#### Exercise details
Return the records exactly as they stand, and keep the pictures out of the copy.

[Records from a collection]
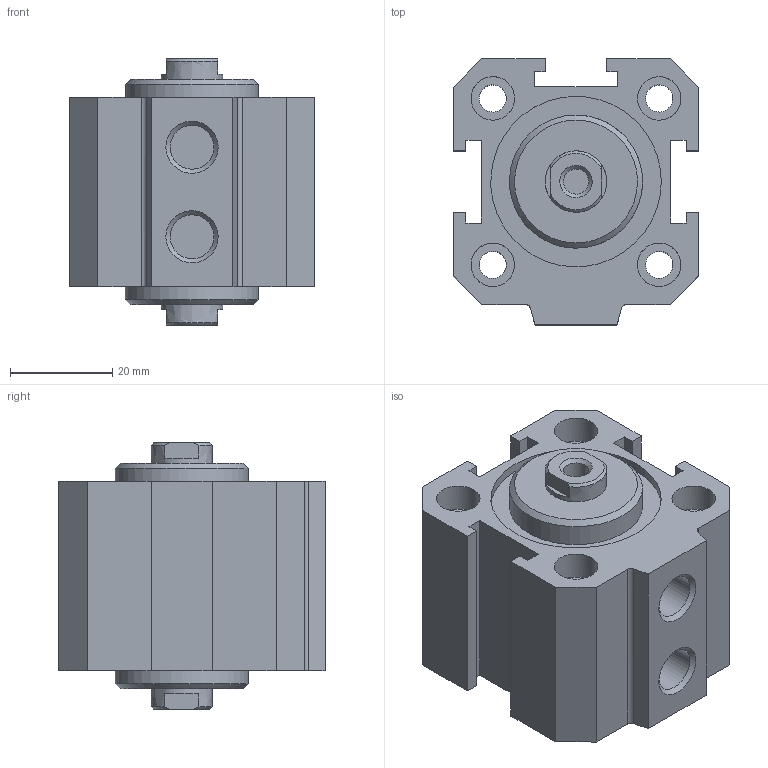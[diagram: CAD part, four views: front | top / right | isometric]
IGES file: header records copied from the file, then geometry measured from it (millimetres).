
Global section: file name: 1514_32_0000; native system: Autodesk Inventor 2014; preprocessor: unknown; author: A. Manieri; date: 20160824.113507; units: millimetre
Bounding box: 48 x 52 x 52 mm (x, y, z)
Volume: 73829.2 mm3; surface area: 25907.5 mm2
Topology: 2 solids, 2 shells, 106 faces, 276 edges, 194 vertices
Faces by surface type: bspline 106

#### Response area
[diagram: CAD part, four views: front | top / right | isometric]
IGES file: header records copied from the file, then geometry measured from it (millimetres).
Global section: file name: 1514_32_0000; native system: Autodesk Inventor 2014; preprocessor: unknown; author: A. Manieri; date: 20160824.113507; units: millimetre
Bounding box: 48 x 52 x 52 mm (x, y, z)
Volume: 73829.2 mm3; surface area: 25907.5 mm2
Topology: 2 solids, 2 shells, 106 faces, 276 edges, 194 vertices
Faces by surface type: bspline 106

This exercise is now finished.